> [Records]:
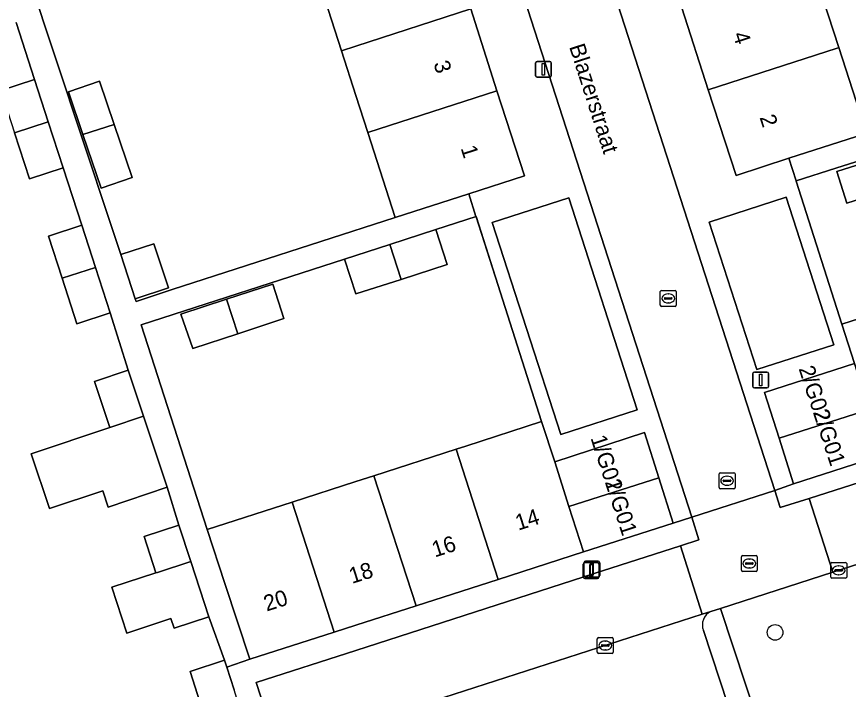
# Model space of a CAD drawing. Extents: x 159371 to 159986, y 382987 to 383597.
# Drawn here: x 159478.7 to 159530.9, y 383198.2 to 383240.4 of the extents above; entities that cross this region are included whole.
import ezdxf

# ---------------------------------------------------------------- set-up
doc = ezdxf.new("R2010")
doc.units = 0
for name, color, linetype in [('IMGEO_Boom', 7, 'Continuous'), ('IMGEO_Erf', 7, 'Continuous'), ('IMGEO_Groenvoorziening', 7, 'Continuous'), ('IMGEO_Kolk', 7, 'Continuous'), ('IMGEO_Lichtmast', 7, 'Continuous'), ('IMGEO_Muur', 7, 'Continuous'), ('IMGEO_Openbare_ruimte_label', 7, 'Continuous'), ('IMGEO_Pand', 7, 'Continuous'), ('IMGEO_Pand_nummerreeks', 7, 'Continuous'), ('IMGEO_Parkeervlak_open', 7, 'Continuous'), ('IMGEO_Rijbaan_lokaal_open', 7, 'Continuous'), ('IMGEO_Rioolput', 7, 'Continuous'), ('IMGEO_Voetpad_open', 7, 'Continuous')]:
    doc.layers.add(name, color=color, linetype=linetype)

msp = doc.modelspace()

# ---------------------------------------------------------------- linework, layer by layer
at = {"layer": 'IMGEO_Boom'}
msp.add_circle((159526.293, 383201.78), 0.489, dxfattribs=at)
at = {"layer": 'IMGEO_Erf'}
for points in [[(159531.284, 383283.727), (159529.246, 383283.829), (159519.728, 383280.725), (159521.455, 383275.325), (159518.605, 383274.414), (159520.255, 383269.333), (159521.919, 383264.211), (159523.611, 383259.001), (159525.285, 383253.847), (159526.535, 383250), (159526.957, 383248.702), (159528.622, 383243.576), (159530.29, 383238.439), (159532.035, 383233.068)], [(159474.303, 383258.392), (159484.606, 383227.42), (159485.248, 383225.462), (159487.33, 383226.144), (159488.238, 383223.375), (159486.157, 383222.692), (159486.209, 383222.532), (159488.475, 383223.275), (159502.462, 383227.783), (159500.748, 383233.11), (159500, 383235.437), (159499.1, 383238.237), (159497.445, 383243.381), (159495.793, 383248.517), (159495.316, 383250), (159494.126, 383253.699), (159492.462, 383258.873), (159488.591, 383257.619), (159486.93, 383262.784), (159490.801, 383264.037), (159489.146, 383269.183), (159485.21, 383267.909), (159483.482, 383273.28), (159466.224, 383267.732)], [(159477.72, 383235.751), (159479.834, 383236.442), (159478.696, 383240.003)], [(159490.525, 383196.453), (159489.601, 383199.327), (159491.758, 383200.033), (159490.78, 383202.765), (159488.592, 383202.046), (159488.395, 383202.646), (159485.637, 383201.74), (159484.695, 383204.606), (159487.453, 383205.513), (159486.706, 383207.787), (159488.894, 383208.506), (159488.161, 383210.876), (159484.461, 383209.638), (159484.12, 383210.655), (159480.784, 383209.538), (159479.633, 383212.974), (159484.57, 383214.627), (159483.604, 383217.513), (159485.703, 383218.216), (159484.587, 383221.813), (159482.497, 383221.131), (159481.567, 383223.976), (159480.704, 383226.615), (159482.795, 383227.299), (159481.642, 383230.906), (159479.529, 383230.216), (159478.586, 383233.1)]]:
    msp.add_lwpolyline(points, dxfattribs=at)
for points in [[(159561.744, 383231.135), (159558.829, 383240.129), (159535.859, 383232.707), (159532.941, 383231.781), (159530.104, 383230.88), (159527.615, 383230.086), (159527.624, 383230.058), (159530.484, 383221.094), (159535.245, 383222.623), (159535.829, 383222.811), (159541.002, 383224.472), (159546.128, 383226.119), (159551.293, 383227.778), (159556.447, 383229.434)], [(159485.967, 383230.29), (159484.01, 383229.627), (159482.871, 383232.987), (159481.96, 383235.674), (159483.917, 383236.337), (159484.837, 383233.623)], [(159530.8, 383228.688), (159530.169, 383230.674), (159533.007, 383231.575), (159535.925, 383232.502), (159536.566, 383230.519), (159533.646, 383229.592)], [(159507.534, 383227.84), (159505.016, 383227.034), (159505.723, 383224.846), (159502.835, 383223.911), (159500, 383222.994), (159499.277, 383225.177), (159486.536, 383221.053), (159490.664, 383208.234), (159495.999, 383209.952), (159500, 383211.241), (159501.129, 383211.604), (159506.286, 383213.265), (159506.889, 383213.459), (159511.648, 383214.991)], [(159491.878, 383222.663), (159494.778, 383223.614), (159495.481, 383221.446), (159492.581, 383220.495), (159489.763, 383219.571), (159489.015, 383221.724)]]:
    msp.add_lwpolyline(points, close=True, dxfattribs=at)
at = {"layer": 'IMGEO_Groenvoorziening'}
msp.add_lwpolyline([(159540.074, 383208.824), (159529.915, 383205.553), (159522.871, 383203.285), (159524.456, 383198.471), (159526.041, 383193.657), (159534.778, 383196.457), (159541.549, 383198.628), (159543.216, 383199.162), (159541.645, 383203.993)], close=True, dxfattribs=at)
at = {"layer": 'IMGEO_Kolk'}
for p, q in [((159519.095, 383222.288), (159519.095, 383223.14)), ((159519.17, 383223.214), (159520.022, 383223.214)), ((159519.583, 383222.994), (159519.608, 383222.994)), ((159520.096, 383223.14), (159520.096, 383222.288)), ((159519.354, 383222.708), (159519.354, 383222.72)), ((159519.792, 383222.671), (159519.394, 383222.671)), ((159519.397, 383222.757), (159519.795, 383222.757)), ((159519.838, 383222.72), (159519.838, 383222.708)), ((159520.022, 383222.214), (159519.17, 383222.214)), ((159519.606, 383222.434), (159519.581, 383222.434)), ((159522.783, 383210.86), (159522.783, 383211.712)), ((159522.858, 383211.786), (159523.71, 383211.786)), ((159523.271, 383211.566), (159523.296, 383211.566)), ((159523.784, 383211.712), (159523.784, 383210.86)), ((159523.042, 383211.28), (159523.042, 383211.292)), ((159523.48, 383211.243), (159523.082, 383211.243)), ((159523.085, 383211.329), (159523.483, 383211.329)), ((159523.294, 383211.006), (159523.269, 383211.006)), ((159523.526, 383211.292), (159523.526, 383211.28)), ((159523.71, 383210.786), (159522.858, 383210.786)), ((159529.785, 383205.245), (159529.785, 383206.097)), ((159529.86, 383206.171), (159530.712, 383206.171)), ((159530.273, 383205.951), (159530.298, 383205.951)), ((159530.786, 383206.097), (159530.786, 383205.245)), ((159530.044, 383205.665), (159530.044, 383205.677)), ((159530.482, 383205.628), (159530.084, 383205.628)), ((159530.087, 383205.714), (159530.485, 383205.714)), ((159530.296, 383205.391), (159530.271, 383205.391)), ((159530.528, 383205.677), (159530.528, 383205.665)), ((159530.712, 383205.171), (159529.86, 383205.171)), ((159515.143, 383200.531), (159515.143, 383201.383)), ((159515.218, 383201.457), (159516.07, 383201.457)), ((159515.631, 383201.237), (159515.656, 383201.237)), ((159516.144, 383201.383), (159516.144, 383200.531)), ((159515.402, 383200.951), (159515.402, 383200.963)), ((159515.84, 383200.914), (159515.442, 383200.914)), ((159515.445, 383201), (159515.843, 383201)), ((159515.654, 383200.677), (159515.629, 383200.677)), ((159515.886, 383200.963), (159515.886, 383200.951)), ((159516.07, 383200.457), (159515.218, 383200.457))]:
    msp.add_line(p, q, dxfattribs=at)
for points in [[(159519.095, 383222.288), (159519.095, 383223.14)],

> [What is expected]:
Would you reproduce each line of the material exactly, omitting the images?

> [Answer section]:
# Model space of a CAD drawing. Extents: x 159371 to 159986, y 382987 to 383597.
# Drawn here: x 159478.7 to 159530.9, y 383198.2 to 383240.4 of the extents above; entities that cross this region are included whole.
import ezdxf

# ---------------------------------------------------------------- set-up
doc = ezdxf.new("R2010")
doc.units = 0
for name, color, linetype in [('IMGEO_Boom', 7, 'Continuous'), ('IMGEO_Erf', 7, 'Continuous'), ('IMGEO_Groenvoorziening', 7, 'Continuous'), ('IMGEO_Kolk', 7, 'Continuous'), ('IMGEO_Lichtmast', 7, 'Continuous'), ('IMGEO_Muur', 7, 'Continuous'), ('IMGEO_Openbare_ruimte_label', 7, 'Continuous'), ('IMGEO_Pand', 7, 'Continuous'), ('IMGEO_Pand_nummerreeks', 7, 'Continuous'), ('IMGEO_Parkeervlak_open', 7, 'Continuous'), ('IMGEO_Rijbaan_lokaal_open', 7, 'Continuous'), ('IMGEO_Rioolput', 7, 'Continuous'), ('IMGEO_Voetpad_open', 7, 'Continuous')]:
    doc.layers.add(name, color=color, linetype=linetype)

msp = doc.modelspace()

# ---------------------------------------------------------------- linework, layer by layer
at = {"layer": 'IMGEO_Boom'}
msp.add_circle((159526.293, 383201.78), 0.489, dxfattribs=at)
at = {"layer": 'IMGEO_Erf'}
for points in [[(159531.284, 383283.727), (159529.246, 383283.829), (159519.728, 383280.725), (159521.455, 383275.325), (159518.605, 383274.414), (159520.255, 383269.333), (159521.919, 383264.211), (159523.611, 383259.001), (159525.285, 383253.847), (159526.535, 383250), (159526.957, 383248.702), (159528.622, 383243.576), (159530.29, 383238.439), (159532.035, 383233.068)], [(159474.303, 383258.392), (159484.606, 383227.42), (159485.248, 383225.462), (159487.33, 383226.144), (159488.238, 383223.375), (159486.157, 383222.692), (159486.209, 383222.532), (159488.475, 383223.275), (159502.462, 383227.783), (159500.748, 383233.11), (159500, 383235.437), (159499.1, 383238.237), (159497.445, 383243.381), (159495.793, 383248.517), (159495.316, 383250), (159494.126, 383253.699), (159492.462, 383258.873), (159488.591, 383257.619), (159486.93, 383262.784), (159490.801, 383264.037), (159489.146, 383269.183), (159485.21, 383267.909), (159483.482, 383273.28), (159466.224, 383267.732)], [(159477.72, 383235.751), (159479.834, 383236.442), (159478.696, 383240.003)], [(159490.525, 383196.453), (159489.601, 383199.327), (159491.758, 383200.033), (159490.78, 383202.765), (159488.592, 383202.046), (159488.395, 383202.646), (159485.637, 383201.74), (159484.695, 383204.606), (159487.453, 383205.513), (159486.706, 383207.787), (159488.894, 383208.506), (159488.161, 383210.876), (159484.461, 383209.638), (159484.12, 383210.655), (159480.784, 383209.538), (159479.633, 383212.974), (159484.57, 383214.627), (159483.604, 383217.513), (159485.703, 383218.216), (159484.587, 383221.813), (159482.497, 383221.131), (159481.567, 383223.976), (159480.704, 383226.615), (159482.795, 383227.299), (159481.642, 383230.906), (159479.529, 383230.216), (159478.586, 383233.1)]]:
    msp.add_lwpolyline(points, dxfattribs=at)
for points in [[(159561.744, 383231.135), (159558.829, 383240.129), (159535.859, 383232.707), (159532.941, 383231.781), (159530.104, 383230.88), (159527.615, 383230.086), (159527.624, 383230.058), (159530.484, 383221.094), (159535.245, 383222.623), (159535.829, 383222.811), (159541.002, 383224.472), (159546.128, 383226.119), (159551.293, 383227.778), (159556.447, 383229.434)], [(159485.967, 383230.29), (159484.01, 383229.627), (159482.871, 383232.987), (159481.96, 383235.674), (159483.917, 383236.337), (159484.837, 383233.623)], [(159530.8, 383228.688), (159530.169, 383230.674), (159533.007, 383231.575), (159535.925, 383232.502), (159536.566, 383230.519), (159533.646, 383229.592)], [(159507.534, 383227.84), (159505.016, 383227.034), (159505.723, 383224.846), (159502.835, 383223.911), (159500, 383222.994), (159499.277, 383225.177), (159486.536, 383221.053), (159490.664, 383208.234), (159495.999, 383209.952), (159500, 383211.241), (159501.129, 383211.604), (159506.286, 383213.265), (159506.889, 383213.459), (159511.648, 383214.991)], [(159491.878, 383222.663), (159494.778, 383223.614), (159495.481, 383221.446), (159492.581, 383220.495), (159489.763, 383219.571), (159489.015, 383221.724)]]:
    msp.add_lwpolyline(points, close=True, dxfattribs=at)
at = {"layer": 'IMGEO_Groenvoorziening'}
msp.add_lwpolyline([(159540.074, 383208.824), (159529.915, 383205.553), (159522.871, 383203.285), (159524.456, 383198.471), (159526.041, 383193.657), (159534.778, 383196.457), (159541.549, 383198.628), (159543.216, 383199.162), (159541.645, 383203.993)], close=True, dxfattribs=at)
at = {"layer": 'IMGEO_Kolk'}
for p, q in [((159519.095, 383222.288), (159519.095, 383223.14)), ((159519.17, 383223.214), (159520.022, 383223.214)), ((159519.583, 383222.994), (159519.608, 383222.994)), ((159520.096, 383223.14), (159520.096, 383222.288)), ((159519.354, 383222.708), (159519.354, 383222.72)), ((159519.792, 383222.671), (159519.394, 383222.671)), ((159519.397, 383222.757), (159519.795, 383222.757)), ((159519.838, 383222.72), (159519.838, 383222.708)), ((159520.022, 383222.214), (159519.17, 383222.214)), ((159519.606, 383222.434), (159519.581, 383222.434)), ((159522.783, 383210.86), (159522.783, 383211.712)), ((159522.858, 383211.786), (159523.71, 383211.786)), ((159523.271, 383211.566), (159523.296, 383211.566)), ((159523.784, 383211.712), (159523.784, 383210.86)), ((159523.042, 383211.28), (159523.042, 383211.292)), ((159523.48, 383211.243), (159523.082, 383211.243)), ((159523.085, 383211.329), (159523.483, 383211.329)), ((159523.294, 383211.006), (159523.269, 383211.006)), ((159523.526, 383211.292), (159523.526, 383211.28)), ((159523.71, 383210.786), (159522.858, 383210.786)), ((159529.785, 383205.245), (159529.785, 383206.097)), ((159529.86, 383206.171), (159530.712, 383206.171)), ((159530.273, 383205.951), (159530.298, 383205.951)), ((159530.786, 383206.097), (159530.786, 383205.245)), ((159530.044, 383205.665), (159530.044, 383205.677)), ((159530.482, 383205.628), (159530.084, 383205.628)), ((159530.087, 383205.714), (159530.485, 383205.714)), ((159530.296, 383205.391), (159530.271, 383205.391)), ((159530.528, 383205.677), (159530.528, 383205.665)), ((159530.712, 383205.171), (159529.86, 383205.171)), ((159515.143, 383200.531), (159515.143, 383201.383)), ((159515.218, 383201.457), (159516.07, 383201.457)), ((159515.631, 383201.237), (159515.656, 383201.237)), ((159516.144, 383201.383), (159516.144, 383200.531)), ((159515.402, 383200.951), (159515.402, 383200.963)), ((159515.84, 383200.914), (159515.442, 383200.914)), ((159515.445, 383201), (159515.843, 383201)), ((159515.654, 383200.677), (159515.629, 383200.677)), ((159515.886, 383200.963), (159515.886, 383200.951)), ((159516.07, 383200.457), (159515.218, 383200.457))]:
    msp.add_line(p, q, dxfattribs=at)
for points in [[(159519.095, 383222.288), (159519.095, 383223.14)],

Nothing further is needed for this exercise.